MAFFUCHI: We are part of the Sky platform, so pay-TV exclusive is mandatory; it’s a must. The only thing we can have non-exclusively is VOD rights. Holdbacks are still quite important for us. Depending on the case, we will have between 6 to 12 months of exclusivity from the premiere of the content. So, those three—exclusivity, VOD rights and holdbacks—are mandatory. I know the market is changing a lot, but that is something that is important for us.

The European quota is important. We still have space for content that is not European, but the obligation, the percentage we need to cover, is getting higher. So, I think it will be the second, if not the first, question I ask when someone is pitching to me: Is it European content? We have a lot of rules to respect on hours covered between Italian content, European content and then the space we can leave for content that is not European.
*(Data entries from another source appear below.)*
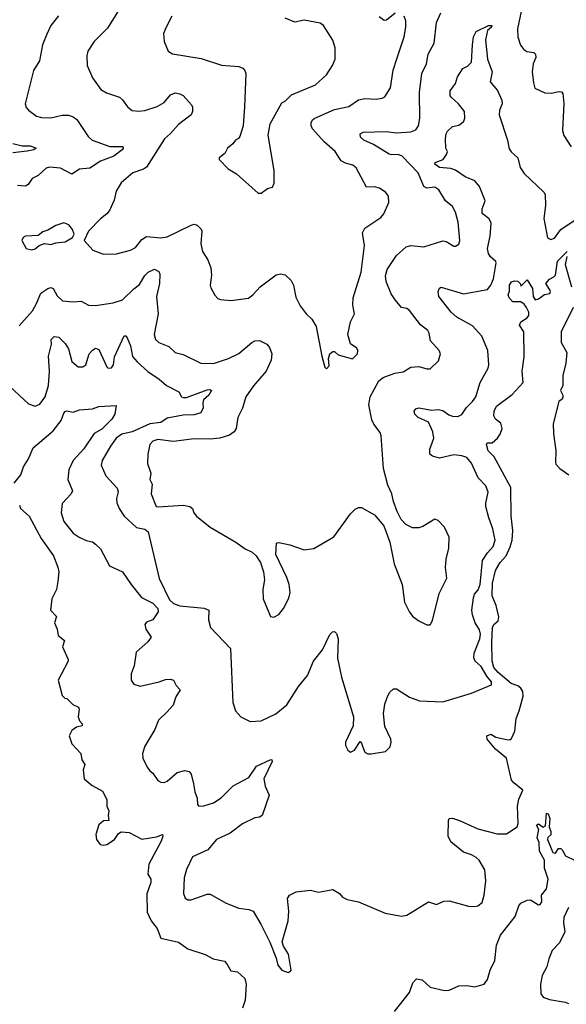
# Model space of a CAD drawing. Extents: x 2133461 to 2293071, y 753526 to 916327.
# Tile 441 of 459: x 2275059 to 2278490, y 873930 to 880112. Entities that reach past the tile are written whole.
import ezdxf

# ---------------------------------------------------------------- set-up
doc = ezdxf.new("R2010")
doc.units = 0

msp = doc.modelspace()

# ---------------------------------------------------------------- linework, layer by layer
at = {"layer": '0CON10XD'}
for points in [[(2275707.1, 880215), (2275610.8, 880059.2), (2275526, 879975), (2275486.2, 879915), (2275480, 879885), (2275482, 879825), (2275515, 879747.5), (2275568.8, 879675), (2275603.2, 879653.2), (2275685.5, 879625.5), (2275705, 879608.8), (2275735, 879566.2), (2275765, 879542.5), (2275805, 879538.1), (2275845, 879542.5), (2275921.9, 879568.1), (2275965, 879593.1), (2276005, 879641.4), (2276035, 879652.9), (2276065, 879646.9), (2276085.5, 879635.5), (2276137.4, 879577.4), (2276143.1, 879563.1), (2276143.5, 879535), (2276135.6, 879515), (2276055.7, 879455), (2276005, 879397.1), (2275966.7, 879365), (2275855, 879186.9), (2275835, 879173.5), (2275768.9, 879151.1), (2275695, 879087.5), (2275665, 879036.7), (2275651.3, 878978.7), (2275622.5, 878915), (2275606.6, 878893.4), (2275565, 878862), (2275490, 878785), (2275462.5, 878725), (2275517.5, 878665), (2275585, 878640), (2275667, 878643), (2275755, 878664.3), (2275785, 878682.5), (2275825, 878733.1), (2275855, 878750.5), (2275945, 878741.9), (2275985, 878748.6), (2276135, 878823.1), (2276155, 878828.6), (2276173.2, 878823.2), (2276197.8, 878797.8), (2276202.5, 878785), (2276195.7, 878705), (2276206.8, 878656.8), (2276239.2, 878605), (2276259.2, 878555), (2276262.3, 878507.7), (2276254, 878445), (2276258.3, 878428.3), (2276282.7, 878382.7), (2276302.5, 878362.5), (2276320, 878355), (2276385, 878350), (2276495.6, 878364.4), (2276525, 878386), (2276568, 878435), (2276669.4, 878510.6), (2276695, 878517.5), (2276725, 878510), (2276762.5, 878475), (2276777.1, 878445), (2276791.2, 878371.2), (2276818.8, 878315), (2276856.7, 878265), (2276892.5, 878232.5), (2276920.8, 878185), (2276955, 878000), (2276975, 877930), (2276985, 877920), (2277001.7, 877938.3), (2276996.7, 877985), (2277006.4, 878013.6), (2277025, 878030), (2277035, 878030), (2277058.3, 878008.3), (2277147.7, 877982.3), (2277180, 878015), (2277182, 878035), (2277175, 878050), (2277135, 878077.5), (2277118.8, 878135), (2277135.5, 878214.5), (2277160, 878265), (2277150.9, 878320.9), (2277153.1, 878365), (2277202.6, 878527.4), (2277223.1, 878695), (2277211.1, 878775), (2277226.3, 878803.7), (2277325, 878870.8), (2277345, 878893.8), (2277375.7, 878964.3), (2277372.9, 879005), (2277357.3, 879027.3), (2277317.5, 879055), (2277285, 879062), (2277235, 879060), (2277171.7, 879181.7), (2277149.8, 879199.8), (2277105, 879211.1), (2277076.4, 879226.4), (2277038.9, 879285), (2276970.6, 879345), (2276896.6, 879426.6), (2276887.5, 879445), (2276888.6, 879465), (2276896.6, 879483.4), (2276908.2, 879491.8), (2277035, 879547.7), (2277125, 879566.7), (2277185, 879610), (2277225, 879618.1), (2277296.8, 879613.2), (2277335, 879619.2), (2277351.7, 879628.3), (2277387.1, 879685), (2277403.3, 879795), (2277425.7, 879865.7), (2277471.4, 880005), (2277482, 880065), (2277482, 880105), (2277472, 880135)], [(2275055, 878191.2), (2275138.1, 878285), (2275165, 878330), (2275191.5, 878395), (2275235, 878425.5), (2275255, 878430), (2275269.2, 878425), (2275295, 878378), (2275326.8, 878346.8), (2275395, 878341.1), (2275445, 878344.2), (2275490.3, 878320.3), (2275535, 878318.1), (2275645, 878334.4), (2275705, 878354.2), (2275775, 878421.5), (2275810.3, 878449.7), (2275845, 878506.5), (2275865, 878527.9), (2275905, 878546.7), (2275932.1, 878532.1), (2275939.2, 878515), (2275936.4, 878455), (2275916.9, 878375), (2275927.8, 878265), (2275902.9, 878135), (2275911.2, 878105), (2275932.5, 878085), (2275995, 878060.8), (2276035, 878022.9), (2276085, 878010.8), (2276195, 877956), (2276275, 877954.5), (2276368.8, 877985), (2276435, 878017.5), (2276515, 878085.6), (2276535, 878095.6), (2276565, 878098), (2276610, 878075), (2276626.2, 878055), (2276640.8, 878015), (2276637.8, 877975), (2276605.3, 877904.7), (2276525.9, 877814.1), (2276478.1, 877745), (2276457.6, 877672.4), (2276427.5, 877615), (2276417.5, 877545), (2276404.4, 877525.6), (2276376.6, 877503.4), (2276315, 877484.2), (2276255, 877477.8), (2276155, 877480.8), (2276023.6, 877463.6), (2275925, 877476.2), (2275895, 877465.8), (2275875.7, 877445), (2275863.6, 877385), (2275860, 877325), (2275881.8, 877265), (2275876.4, 877225), (2275890.9, 877195), (2275884.5, 877135.5), (2275915, 877056.7), (2275927.1, 877052.9), (2276085, 877064.2), (2276125.9, 877055.9), (2276143.6, 877043.6), (2276152.5, 877015), (2276168.1, 876995), (2276255, 876925.6), (2276415, 876832.2), (2276475, 876789.2), (2276519.1, 876769.1), (2276543.8, 876745), (2276570, 876705), (2276588.8, 876645), (2276596, 876595), (2276584.1, 876534.1), (2276586.7, 876475), (2276632.5, 876365), (2276655, 876360), (2276685, 876377.5), (2276714.1, 876415.9), (2276749.1, 876480.9), (2276757.1, 876515), (2276750, 876565), (2276735, 876610), (2276666.7, 876755), (2276670, 876825), (2276685, 876830), (2276755, 876816), (2276845, 876784), (2276905, 876791.2), (2277031.2, 876865), (2277135, 877008.8), (2277165, 877040), (2277185, 877050), (2277205, 877050), (2277285, 877003.3), (2277344, 876935), (2277381.7, 876831.7), (2277410, 876695), (2277460, 876565), (2277474.2, 876454.2), (2277505, 876392.5), (2277527.5, 876365), (2277565, 876337.5), (2277615, 876312.5), (2277636.4, 876313.6), (2277649.3, 876340.7), (2277691.2, 876508.8), (2277740, 876605), (2277732.3, 876672.3), (2277736, 876725), (2277753.3, 876795), (2277753.9, 876863.9), (2277726.1, 876926.1), (2277685, 876967.5), (2277665, 876976.7), (2277589.7, 876930.3), (2277565, 876922), (2277525, 876922.5), (2277482.1, 876942.1), (2277454.2, 876975), (2277429.2, 877025), (2277405, 877087.5), (2277395.8, 877135.8), (2277369.7, 877189.7), (2277342.9, 877295), (2277328.7, 877498.7), (2277321.3, 877521.3), (2277282.8, 877572.8), (2277270.2, 877600.2), (2277250, 877695), (2277258.5, 877745), (2277313.3, 877845), (2277340, 877865), (2277413.2, 877893.2), (2277465, 877901.8), (2277515, 877930.8), (2277564.5, 877934.5), (2277615, 877919.2), (2277635, 877920), (2277688.8, 877971.2), (2277700, 878015), (2277691.2, 878035), (2277638, 878095), (2277629.2, 878145), (2277620.3, 878160.3), (2277575, 878195.7), (2277505, 878287.5), (2277488.7, 878298.7), (2277455, 878306), (2277415, 878352.5), (2277390.5, 878390.5), (2277358.3, 878468.2), (2277354.7, 878505.2), (2277365.3, 878544.7), (2277425, 878632.2), (2277485, 878687.1), (2277515, 878694.3), (2277595, 878686.7), (2277715, 878722.9), (2277735, 878719.2), (2277785, 878690), (2277795, 878690), (2277816.1, 878703.9), (2277821.2, 878725), (2277811.3, 878841.3), (2277795, 878903.3), (2277775, 878938.8), (2277732.5, 878975), (2277690, 879045), (2277665, 879060), (2277615, 879055.6), (2277595, 879064.2), (2277559.9, 879149.9), (2277460.5, 879255), (2277435, 879266.4), (2277395, 879263.1), (2277378.3, 879268.3), (2277279, 879329), (2277218, 879355), (2277198.8, 879375), (2277196.7, 879395), (2277214.5, 879405.5), (2277359.6, 879410.4), (2277425, 879402.4), (2277515, 879407.7), (2277545, 879420.6), (2277561.9, 879445), (2277569.6, 879495), (2277569.2, 879655), (2277582.9, 879775), (2277611.5, 879835), (2277623.7, 879896.3), (2277660, 879965), (2277675.4, 880095), (2277701.5, 880155)], [(2277415, 880154.2), (2277360.5, 880109.5), (2277346.4, 880106.4), (2277315, 880130)], [(2278208.5, 880175), (2278184.6, 880055.4), (2278185.6, 880005), (2278202.6, 879952.6), (2278222.9, 879925), (2278243.1, 879913.1), (2278285.5, 879905.5), (2278296, 879895), (2278298.6, 879875), (2278282, 879835), (2278276.2, 879785), (2278283.8, 879715), (2278293.3, 879683.3), (2278355, 879654), (2278395, 879651.4), (2278445, 879661.4), (2278459.1, 879659.1), (2278469.1, 879649.1), (2278475.5, 879585.5), (2278466.8, 879416.8), (2278474.4, 879384.4), (2278520, 879315)], [(2275303, 880137), (2275255, 880076), (2275228.3, 880021.7), (2275200.9, 879955), (2275183.1, 879855), (2275145.6, 879794.4), (2275092.5, 879585), (2275100.3, 879560.3), (2275113.8, 879545), (2275165, 879507.5), (2275195, 879498.6), (2275255, 879495.7), (2275325, 879513.5), (2275365, 879512.1), (2275395, 879501.5), (2275416.9, 879485), (2275488.8, 879378.8), (2275512.9, 879355), (2275625.4, 879315.4), (2275705.9, 879315.9), (2275709.2, 879305), (2275702.5, 879295), (2275649.4, 879255), (2275565.4, 879224.6), (2275500, 879180), (2275435, 879173.6), (2275385, 879141.9), (2275315, 879180.4), (2275245.5, 879185.5), (2275225, 879179.4), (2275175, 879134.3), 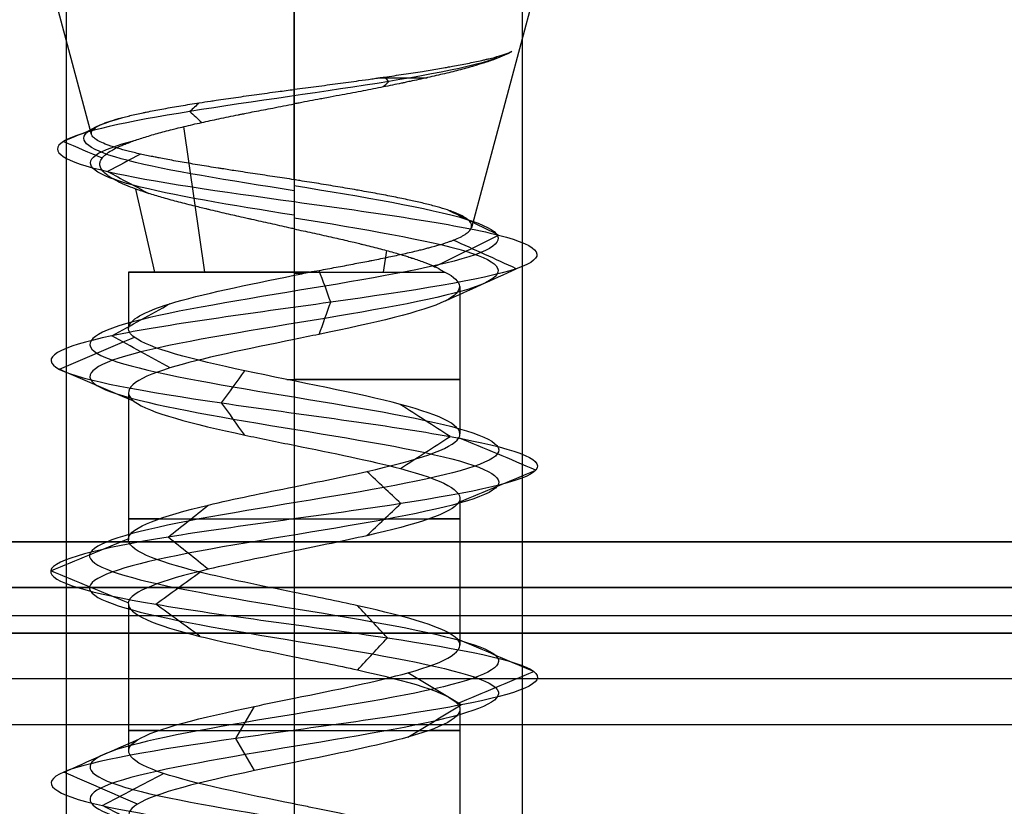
# Model space of a CAD drawing. Header units: millimetres. Extents: x -646 to 654, y -203 to 198.
# Tile 564 of 656: x 272.61 to 283.4, y 132.44 to 141.06. Entities that reach past the tile are written whole.
import ezdxf

# ---------------------------------------------------------------- set-up
doc = ezdxf.new("R2010")
doc.units = ezdxf.units.MM
doc.layers.add('Default', color=7, linetype='Continuous', true_color=0x000000)

msp = doc.modelspace()

# ---------------------------------------------------------------- linework, layer by layer
at = {"layer": 'Default', "color": 9, "true_color": 0xbebcba}
for p, q in [((273.396, 139.804, 881.322), (272.911, 141.613, 881.322)), ((275.616, 140.299, 883.675), (275.616, 141.613, 884.027)), ((275.616, 139.309, 879.235), (275.616, 141.613, 878.618)), ((277.563, 138.786, 881.322), (278.32, 141.613, 881.322)), ((274.636, 138.297, 882.851), (274.405, 139.891, 883.211)), ((274.087, 138.297, 880.342), (273.882, 139.205, 880.211)), ((276.596, 138.297, 879.793), (276.63, 138.533, 879.74)), ((273.8, 138.297, 881.322), (273.8, 137.683, 881.322)), ((275.616, 138.297, 879.506), (275.616, 137.104, 879.506)), ((277.432, 138.138, 881.322), (277.432, 136.523, 881.322)), ((273.8, 136.978, 881.322), (273.8, 135.364, 881.322)), ((275.616, 136.399, 879.508), (275.616, 134.785, 879.51)), ((277.432, 135.819, 881.322), (277.432, 134.207, 881.322)), ((273.8, 134.66, 881.322), (273.8, 133.046, 881.322)), ((275.616, 134.081, 879.51), (275.616, 132.467, 879.503)), ((277.432, 133.503, 881.322), (277.432, 131.887, 881.322))]:
    msp.add_line(p, q, dxfattribs=at)
at = {"layer": 'Default'}
for p, q in [((652.616, 134.34, 772.822), (-645.384, 134.34, 772.822)), ((-645.384, 134.34, 1170.822), (652.616, 134.34, 1170.822)), ((652.616, 134.34, 971.822), (-645.384, 134.34, 971.822)), ((86.065, 134.34, 880.822), (273.166, 134.34, 880.822)), ((278.065, 134.34, 880.822), (465.166, 134.34, 880.822)), ((652.616, 133.84, 885.322), (-645.384, 133.84, 885.322))]:
    msp.add_line(p, q, dxfattribs=at)
at = {"layer": 'Default', "color": 9, "true_color": 0xbebcba, "extrusion": (0, 1, 0)}
msp.add_arc((-275.616, 881.322, 140.427), 2.387, 113.1162, 127.6841, dxfattribs=at)
at = {"layer": 'Default', "color": 9, "true_color": 0xbebcba, "extrusion": (0, -1, 0)}
for centre, start, end in [((275.616, 881.322, -138.297), 90, 180), ((275.616, 881.322, -138.297), 180, 335.3238), ((275.616, 881.322, -138.297), 84.6762, 90), ((275.616, 881.322, -137.121), 267.4438, 90), ((275.616, 881.322, -135.592), 144.5768, 270), ((275.616, 881.322, -135.592), 270, 35.2408), ((275.616, 881.322, -133.274), 144.6945, 270), ((275.616, 881.322, -133.274), 270, 35.4846)]:
    msp.add_arc(centre, 1.816, start, end, dxfattribs=at)
at = {"layer": 'Default'}
for points in [[(273.116, 147.34, 881.322), (273.116, 140.84, 881.322), (273.116, 134.34, 881.322)], [(275.616, 147.34, 883.822), (275.616, 140.84, 883.822), (275.616, 134.34, 883.822)], [(275.616, 147.34, 878.822), (275.616, 140.84, 878.822), (275.616, 134.34, 878.822)], [(278.116, 147.34, 881.322), (278.116, 140.84, 881.322), (278.116, 134.34, 881.322)], [(-645.384, 135.34, 1171.822), (3.616, 135.34, 1171.822), (652.616, 135.34, 1171.822)], [(652.616, 135.34, 771.822), (3.616, 135.34, 771.822), (-645.384, 135.34, 771.822)], [(-645.384, 134.84, 1171.322), (3.616, 134.84, 1171.322), (652.616, 134.84, 1171.322)], [(652.616, 134.84, 772.322), (3.616, 134.84, 772.322), (-645.384, 134.84, 772.322)], [(643.616, 134.531, 771.822), (326.366, 134.531, 771.822), (9.116, 134.531, 771.822)], [(643.616, 134.531, 780.822), (326.366, 134.531, 780.822), (9.116, 134.531, 780.822)], [(652.616, 134.34, 884.822), (3.616, 134.34, 884.822), (-645.384, 134.34, 884.822)], [(-645.384, 134.34, 876.822), (3.616, 134.34, 876.822), (652.616, 134.34, 876.822)], [(643.616, 134.34, 771.822), (326.366, 134.34, 771.822), (9.116, 134.34, 771.822)], [(643.616, 134.34, 780.822), (326.366, 134.34, 780.822), (9.116, 134.34, 780.822)], [(643.616, 134.34, 780.822), (326.366, 134.34, 780.822), (9.116, 134.34, 780.822)], [(643.616, 134.34, 873.822), (326.366, 134.34, 873.822), (9.116, 134.34, 873.822)], [(643.616, 134.34, 827.322), (326.366, 134.34, 827.322), (9.116, 134.34, 827.322)], [(353.116, 134.34, 776.322), (243.616, 134.34, 776.322), (134.116, 134.34, 776.322)], [(273.116, 134.34, 881.322), (273.116, 111.84, 881.322), (273.116, 89.34, 881.322)], [(275.616, 134.34, 883.822), (275.616, 111.84, 883.822), (275.616, 89.34, 883.822)], [(275.616, 134.34, 878.822), (275.616, 111.84, 878.822), (275.616, 89.34, 878.822)], [(278.116, 134.34, 881.322), (278.116, 111.84, 881.322), (278.116, 89.34, 881.322)], [(-645.384, 133.34, 885.822), (3.616, 133.34, 885.822), (652.616, 133.34, 885.822)]]:
    msp.add_open_spline(points, degree=2, dxfattribs=at)
at = {"layer": 'Default', "color": 9, "true_color": 0xbebcba}
for points, degree in [([(278.001, 140.715, 881.938), (277.831, 140.605, 882.65), (276.813, 140.386, 883.921), (274.322, 140.057, 883.927), (272.731, 139.728, 881.961), (273.273, 139.399, 879.448), (274.823, 139.179, 878.67), (275.616, 139.069, 878.656)], 3), ([(276.605, 140.433, 883.5), (276.621, 140.417, 883.535), (276.637, 140.402, 883.569), (276.652, 140.386, 883.604)], 3), ([(276.652, 140.386, 883.604), (276.633, 140.366, 883.561), (276.613, 140.346, 883.517), (276.593, 140.326, 883.474)], 3), ([(275.616, 140.14, 883.632), (275.616, 140.22, 883.653), (275.616, 140.299, 883.675)], 2), ([(274.576, 140.153, 883.392), (274.541, 140.121, 883.461), (274.507, 140.089, 883.53), (274.472, 140.057, 883.599)], 3), ([(275.616, 140.14, 883.632), (275.616, 139.218, 883.385), (275.616, 138.297, 883.138)], 2), ([(274.472, 140.057, 883.599), (274.515, 140.017, 883.512), (274.559, 139.977, 883.426), (274.602, 139.937, 883.34)], 3), ([(273.426, 139.871, 881.796), (273.313, 139.823, 881.821), (273.2, 139.776, 881.845), (273.086, 139.728, 881.87)], 3), ([(273.086, 139.728, 881.87), (273.228, 139.668, 881.839), (273.369, 139.608, 881.809), (273.511, 139.548, 881.778)], 3), ([(273.931, 139.59, 879.963), (273.811, 139.526, 879.866), (273.69, 139.462, 879.769), (273.57, 139.399, 879.672)], 3), ([(273.57, 139.399, 879.672), (273.72, 139.319, 879.794), (273.871, 139.239, 879.915), (274.021, 139.159, 880.036)], 3), ([(275.616, 139.246, 879.083), (276.36, 139.123, 879.083), (277.835, 138.878, 879.883), (278.03, 138.51, 882.41), (276.013, 138.143, 883.938), (273.635, 137.775, 883.077), (273.066, 137.407, 880.611), (274.828, 137.039, 878.796), (277.31, 136.672, 879.289), (278.243, 136.304, 881.641), (276.774, 135.936, 883.702), (274.246, 135.568, 883.587), (272.97, 135.2, 881.402), (274.112, 134.833, 879.144), (276.628, 134.465, 878.877), (278.219, 134.097, 880.845), (277.43, 133.729, 883.249), (274.982, 133.361, 883.892), (273.114, 132.994, 882.186), (273.532, 132.626, 879.69), (275.855, 132.258, 878.687), (277.959, 131.89, 880.092), (277.921, 131.523, 882.622), (275.775, 131.155, 883.964), (273.484, 130.787, 882.891), (273.141, 130.419, 880.384), (275.06, 130.051, 878.735), (277.487, 129.684, 879.451), (278.203, 129.316, 881.878), (276.554, 128.948, 883.797), (274.047, 128.58, 883.454), (272.974, 128.212, 881.162), (274.316, 127.845, 879.017), (276.846, 127.477, 878.979), (278.251, 127.109, 881.083), (277.248, 126.741, 883.406), (274.752, 126.374, 883.824), (273.046, 126.006, 881.956), (273.689, 125.638, 879.508), (276.093, 125.27, 878.719), (278.061, 124.902, 880.309), (277.794, 124.535, 882.826), (275.536, 124.167, 883.968), (273.351, 123.799, 882.691), (273.236, 123.431, 880.164), (275.297, 123.064, 878.695), (277.649, 122.696, 879.628), (278.142, 122.328, 882.11), (276.326, 121.96, 883.872), (273.861, 121.592, 883.303), (272.999, 121.225, 880.924), (274.529, 120.857, 878.909), (277.053, 120.489, 879.1), (278.262, 120.121, 881.322), (277.053, 119.753, 883.545), (274.529, 119.386, 883.736), (272.999, 119.018, 881.72), (273.861, 118.65, 879.341), (276.326, 118.282, 878.773), (278.142, 117.915, 880.535), (277.649, 117.547, 883.017), (275.297, 117.179, 883.949), (273.236, 116.811, 882.481), (273.351, 116.443, 879.953), (275.536, 116.076, 878.677), (277.794, 115.708, 879.819), (278.061, 115.34, 882.335), (276.093, 114.972, 883.925), (273.689, 114.604, 883.136), (273.046, 114.237, 880.689), (274.752, 113.869, 878.82), (277.248, 113.501, 879.239), (278.251, 113.133, 881.562), (276.846, 112.766, 883.666), (274.316, 112.398, 883.627), (272.974, 112.03, 881.482), (274.047, 111.662, 879.191), (276.554, 111.294, 878.848), (278.203, 110.927, 880.767), (277.487, 110.559, 883.194), (275.06, 110.191, 883.91), (273.141, 109.823, 882.261), (273.484, 109.455, 879.754), (275.775, 109.088, 878.681), (277.921, 108.72, 880.022), (277.959, 108.352, 882.552), (275.855, 107.984, 883.958), (273.532, 107.617, 882.954), (273.114, 107.249, 880.459), (274.982, 106.881, 878.753), (277.43, 106.513, 879.395), (278.219, 106.145, 881.799), (276.628, 105.778, 883.767), (274.112, 105.41, 883.5), (272.97, 105.042, 881.242), (274.246, 104.674, 879.057), (276.774, 104.307, 878.943), (278.243, 103.939, 881.003), (277.31, 103.571, 883.355), (274.828, 103.203, 883.849), (273.066, 102.835, 882.033), (273.635, 102.468, 879.567), (276.013, 102.1, 878.706), (278.03, 101.732, 880.235), (277.835, 101.364, 882.762), (276.36, 101.119, 883.562), (275.616, 100.996, 883.562)], 3), ([(275.616, 139.309, 879.235), (275.616, 139.189, 878.946), (275.616, 139.069, 878.656)], 2), ([(275.616, 139.069, 878.656), (276.501, 138.947, 878.656), (278.258, 138.702, 879.609), (278.49, 138.334, 882.616), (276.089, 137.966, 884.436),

TV KIDS: What advice can you share for producers or distributors looking to land programming on your platform?
MAFFUCHI: We appreciate it when we are having a meeting with someone and they show us that they have studied. They know who we are and say, We think this could fit with this program. We appreciate it when someone has taken the time to look into our DNA. It’s really appreciated when someone has taken the time to [research] and think about us and present a project that can go into our ecosystem. So, we really recommend to everyone who wants to pitch to us: Take the time to study who we are.